Les exemples de réalisation ci-après permettent d'illustrer l'invention, sans toutefois chercher à en limiter la portée.
Préparation d'une membrane comprenant 246 ORFs non ubiquistes et 45 ORFs ubiquistes La membrane préparée est une membrane nylon sur laquelle 246 ORFs non ubiquistes et 45 ORFs ubiquistes sont fixées.
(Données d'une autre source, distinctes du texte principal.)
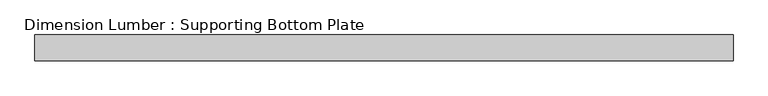
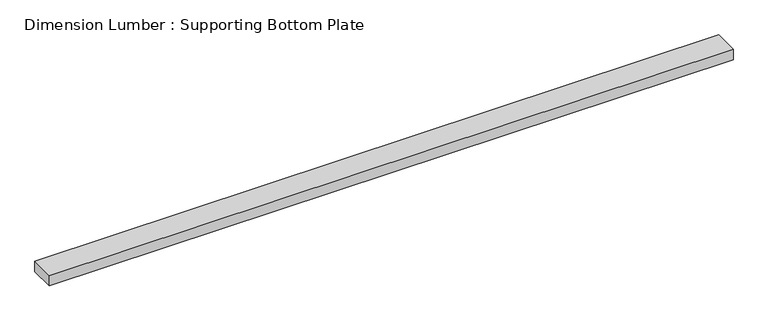
"""IFC4 building model written with IfcOpenShell, lengths in millimetres: beam geometry, Dimension Lumber : Supporting Bottom Plate."""

import ifcopenshell
import ifcopenshell.guid

model = None  # the IFC model being written
_history = None  # IfcOwnerHistory: only IFC2X3 demands one
_inside = {}  # id of a spatial element -> (the spatial element, [elements in it])
_under = {}  # id of a project, library or spatial element -> (it, [spatial elements below it])
_declared = {}  # id of a project -> (the project, [libraries it declares])
_typed = {}  # id of a type object -> (the type object, [elements of that type])
_made_of = {}  # id of a material, layer set ... -> (it, [elements and type objects made of it])


def new_model(schema):
    """Start an empty IFC model of exactly this schema.

    Asked for "IFC4X3", IfcOpenShell would pick the latest addendum, in which some entities
    have other attributes; the version numbers below select the first issue.
    IFC2X3 requires an IfcOwnerHistory on every rooted entity: one is made here for all.
    """
    global model, _history
    if schema == "IFC4X3":
        model = ifcopenshell.file(schema_version=(4, 3, 0, 0))
    else:
        model = ifcopenshell.file(schema=schema)
    _inside.clear()
    _under.clear()
    _declared.clear()
    _typed.clear()
    _made_of.clear()
    _history = None
    if model.schema == "IFC2X3":
        org = make("IfcOrganization", Name="unknown")
        user = make(
            "IfcPersonAndOrganization",
            ThePerson=make("IfcPerson", FamilyName="unknown"),
            TheOrganization=org,
        )
        app = make(
            "IfcApplication",
            ApplicationDeveloper=org,
            Version="unknown",
            ApplicationFullName="unknown",
            ApplicationIdentifier="unknown",
        )
        _history = make(
            "IfcOwnerHistory",
            OwningUser=user,
            OwningApplication=app,
            ChangeAction="ADDED",
            CreationDate=0,
        )
    return model


def make(cls, **values):
    """One entity of the class cls with the attributes given. An attribute that is None is left unset."""
    return model.create_entity(
        cls, **{name: value for name, value in values.items() if value is not None}
    )


def rooted(cls, **values):
    """An entity with a GlobalId (a new one), such as an element, a storey or a relation."""
    return make(cls, GlobalId=ifcopenshell.guid.new(), OwnerHistory=_history, **values)


def si_unit(unit_type, name, prefix=None):
    """IfcSIUnit, for example si_unit("LENGTHUNIT", "METRE", prefix="MILLI")."""
    return make("IfcSIUnit", UnitType=unit_type, Prefix=prefix, Name=name)


def assignment(units):
    """IfcUnitAssignment: the units of a project."""
    return None if units is None else make("IfcUnitAssignment", Units=units)


def point(xyz):
    """IfcCartesianPoint."""
    return None if xyz is None else make("IfcCartesianPoint", Coordinates=xyz)


def direction(xyz):
    """IfcDirection."""
    return None if xyz is None else make("IfcDirection", DirectionRatios=xyz)


def frame(location, z_axis=None, x_axis=None):
    """IfcAxis2Placement3D, a coordinate frame: its origin and axes. An axis left out is left unset."""
    return make(
        "IfcAxis2Placement3D",
        Location=point(location),
        Axis=direction(z_axis),
        RefDirection=direction(x_axis),
    )


def origin():
    """The frame at (0, 0, 0) with its axes left unset."""
    return frame((0.0, 0.0, 0.0))


def place(relative_to, where):
    """IfcLocalPlacement: puts the frame where relative to a parent placement (None: the world)."""
    return make(
        "IfcLocalPlacement", PlacementRelTo=relative_to, RelativePlacement=where
    )


def context(
    kind, dimensions, precision=None, world=None, true_north=None, identifier=None
):
    """IfcGeometricRepresentationContext, for example the 3D "Model" context."""
    return make(
        "IfcGeometricRepresentationContext",
        ContextIdentifier=identifier,
        ContextType=kind,
        CoordinateSpaceDimension=dimensions,
        Precision=precision,
        WorldCoordinateSystem=world,
        TrueNorth=true_north,
    )


def project(units=None, contexts=None):
    """IfcProject with its units and contexts."""
    return rooted(
        "IfcProject",
        Name="project",
        RepresentationContexts=contexts,
        UnitsInContext=assignment(units),
    )


def spatial(cls, under=None, at=None, **own):
    """A site, building, storey or space (cls), placed at a placement, below another one or the project."""
    s = rooted(cls, ObjectPlacement=at, **own)
    if under is not None:
        _under.setdefault(under.id(), (under, []))[1].append(s)
    return s


def polyline(points):
    """IfcPolyline through the points."""
    return make("IfcPolyline", Points=[point(p) for p in points])


def outline(outer, holes=None, kind="AREA"):
    """IfcArbitraryClosedProfileDef: a profile drawn as a closed curve; with holes, ...WithVoids."""
    if holes is None:
        return make("IfcArbitraryClosedProfileDef", ProfileType=kind, OuterCurve=outer)
    return make(
        "IfcArbitraryProfileDefWithVoids",
        ProfileType=kind,
        OuterCurve=outer,
        InnerCurves=holes,
    )


def extrude(swept, where, along, depth):
    """IfcExtrudedAreaSolid: the profile swept, set in the frame where, extruded along a direction by depth."""
    return make(
        "IfcExtrudedAreaSolid",
        SweptArea=swept,
        Position=where,
        ExtrudedDirection=direction(along),
        Depth=depth,
    )


def shape(context_of_items, identifier, shape_type, items):
    """IfcShapeRepresentation: the items that make up one representation, for example the "Body"."""
    return make(
        "IfcShapeRepresentation",
        ContextOfItems=context_of_items,
        RepresentationIdentifier=identifier,
        RepresentationType=shape_type,
        Items=items,
    )


def source(mapping_origin, context_of_items, identifier, shape_type, items):
    """IfcRepresentationMap: a shape defined once, which mapped items show again and again."""
    return make(
        "IfcRepresentationMap",
        MappingOrigin=mapping_origin,
        MappedRepresentation=shape(context_of_items, identifier, shape_type, items),
    )


def transform(
    local_origin,
    x_axis=None,
    y_axis=None,
    z_axis=None,
    scale=None,
    scale2=None,
    scale3=None,
    uniform=True,
):
    """IfcCartesianTransformationOperator3D, or its non-uniform kind. x_axis, y_axis, z_axis: its Axis1, 2, 3."""
    if uniform:
        return make(
            "IfcCartesianTransformationOperator3D",
            Axis1=direction(x_axis),
            Axis2=direction(y_axis),
            LocalOrigin=point(local_origin),
            Scale=scale,
            Axis3=direction(z_axis),
        )
    return make(
        "IfcCartesianTransformationOperator3DnonUniform",
        Axis1=direction(x_axis),
        Axis2=direction(y_axis),
        LocalOrigin=point(local_origin),
        Scale=scale,
        Axis3=direction(z_axis),
        Scale2=scale2,
        Scale3=scale3,
    )


def mapped(mapping_source, mapping_target):
    """IfcMappedItem: shows the shape of a source again, moved by a transform."""
    return make(
        "IfcMappedItem", MappingSource=mapping_source, MappingTarget=mapping_target
    )


def made_of(thing, what):
    """Note that an element or type object is made of a material, layer set ...; save() writes the relation."""
    if what is not None:
        _made_of.setdefault(what.id(), (what, []))[1].append(thing)
    return thing


def element(
    cls,
    number,
    at=None,
    inside=None,
    cuts=None,
    type_object=None,
    material=None,
    context=None,
    identifier="Body",
    shape_type=None,
    held_by="IfcProductDefinitionShape",
    body=None,
    shapes=None,
    **own,
):
    """One element of the class cls, such as IfcWall. Its Tag is "e" and its number.

    at: its placement. inside: the storey or other place that contains it. cuts: it is an
    opening in that element (IfcRelVoidsElement). A single representation is given by context,
    identifier, shape_type and body (its items); several are given by shapes. held_by: the class
    of the entity that holds the representations. save() writes the other relations.
    """
    e = rooted(cls, Tag="e%d" % number, ObjectPlacement=at, **own)
    if body is not None:
        shapes = [shape(context, identifier, shape_type, body)]
    if shapes is not None:
        e.Representation = make(held_by, Representations=shapes)
    if inside is not None:
        _inside.setdefault(inside.id(), (inside, []))[1].append(e)
    if cuts is not None:
        rooted(
            "IfcRelVoidsElement", RelatingBuildingElement=cuts, RelatedOpeningElement=e
        )
    if type_object is not None:
        _typed.setdefault(type_object.id(), (type_object, []))[1].append(e)
    return made_of(e, material)


def aggregate(whole, parts):
    """IfcRelAggregates: a whole, such as a stair, and the parts it consists of."""
    return rooted("IfcRelAggregates", RelatingObject=whole, RelatedObjects=parts)


def save(model, path):
    """Write the relations noted so far, then the file.

    IfcRelAggregates (storeys below a building ...), IfcRelContainedInSpatialStructure (elements
    in a storey), IfcRelDefinesByType, IfcRelAssociatesMaterial and IfcRelDeclares: one each for
    every whole, place, type object, material and project.
    """
    for whole, parts in _under.values():
        aggregate(whole, parts)
    for where, things in _inside.values():
        rooted(
            "IfcRelContainedInSpatialStructure",
            RelatedElements=things,
            RelatingStructure=where,
        )
    for kind, things in _typed.values():
        rooted("IfcRelDefinesByType", RelatedObjects=things, RelatingType=kind)
    for what, things in _made_of.values():
        rooted("IfcRelAssociatesMaterial", RelatedObjects=things, RelatingMaterial=what)
    for by, libraries in _declared.values():
        rooted("IfcRelDeclares", RelatingContext=by, RelatedDefinitions=libraries)
    model.write(path)


def dimension_lumber_supporting_bottom_plate_83ad6fc0(model_context):
    return source(origin(), model_context, "Body", "SweptSolid", [
        extrude(outline(polyline([(1226.5374575, -44.45), (-1182.0874575, -44.45), (-1182.0874575, 44.45), (1226.5374575, 44.45), (1226.5374575, -44.45)])), frame((0.0, 0.0, -19.05), z_axis=(0.0, 0.0, 1.0), x_axis=(1.0, 0.0, 0.0)), (0.0, 0.0, 1.0), 38.1),
    ])


if __name__ == "__main__":
    model = new_model("IFC4")
    model_context = context("Model", 3, world=origin())
    ifc_project = project(units=[si_unit("LENGTHUNIT", "METRE", prefix="MILLI")], contexts=[model_context])
    site = spatial("IfcSite", under=ifc_project)
    building = spatial("IfcBuilding", under=site)
    placement = place(None, origin())
    dimension_lumber_supporting_bottom_plate_shape = dimension_lumber_supporting_bottom_plate_83ad6fc0(model_context)
    element("IfcBeam", 1, ObjectType="Dimension Lumber : Supporting Bottom Plate", at=placement, inside=building, context=model_context, shape_type="MappedRepresentation", body=[
        mapped(dimension_lumber_supporting_bottom_plate_shape, transform((0.0, 0.0, 0.0), x_axis=(1.0, 0.0, 0.0), y_axis=(0.0, 1.0, 0.0), z_axis=(0.0, 0.0, 1.0))),
    ])
    save(model, "model.ifc")

# Revit data of these elements
# Type "Dimension Lumber : Supporting Bottom Plate"
#   Assembly Code = "B10"
#   A = 0.0364583 SF
#   Length [instance default] = 5' - 0"
#   b = 0' - 3 1/2"
#   d = 0' - 1 1/2"
#   Structural Material [instance default] = Softwood, Lumber
# Element 1 (IfcBeam, "Dimension Lumber : Supporting Bottom Plate")
#   Structural Material = Douglas Fir #2
#   Materials on its faces: "Douglas Fir #2"
# Materials
#   "Softwood, Lumber": class "Wood", colour RGB 223 192 134, transparency 0, Description = "Pinus Echinata", Cost = 0
#   "Douglas Fir #2": class "Wood", colour RGB 223 192 134, transparency 0, Description = "Pinus Echinata", Cost = 0

Les 45 ORFs ubiquistes permettent de normaliser les valeurs d'hybridation.
Les ORFs fixées sur la membrane sont des produits PCR obtenus par amplification dans des plaques 96 puits, selon les conditions préconisées par le fabriquant, des séquences des ORFs correspondantes contenues dans une banque d'ADN constituée par un mélange de bactéries E. coli recombinantes, chacune hébergeant un plasmide porteur d'une des 1590 ORFs d'H. pylori 26695. Il s'agit du mélange d'E. coli DH5a (pTCA, pILL570#-HP0001 à HP1590) déposée le 13 avril 2000 auprès de la Collection Nationale de Culture de Microorganismes, 24 rue de Docteur Roux, 75724 Paris Cedex 15, selon les dispositions du traité de Budapest, sous le numéro d'ordre I-2442.
Les fragments d'ADN sont amplifiés en employant d'une part le couple d'oligonucléotides 570-3 et 570-4 dont les séquences sont décrites ci-dessous, et d'autre part les oligonucléotides de 30 paires de bases correspondants à l'ORF à amplifier, décrits sur la figure 2 en annexe. Les produits PCR est purifié et séquence selon les techniques usuelles.
Les membranes sont des membranes nylon de type Q Filter Genetix (membrane N+ de 222 mmm), traitées selon les recommandations du fabriquant. Les dépôts des fragments d'ADN sont réalisés automatiquement par un robot Q-Pix, en suivant les recommandations du fabriquant. Chaque ORF est déposée en triplicat (griding 5x5).
La membrane ainsi obtenue est représentée de manière schématique sur la figure 3 annexée. La localisation relative de chaque ORF sélectionnée sur chaque plaque est indiquée dans les tableaux représentés sur les figures 3A à 3D en annexe.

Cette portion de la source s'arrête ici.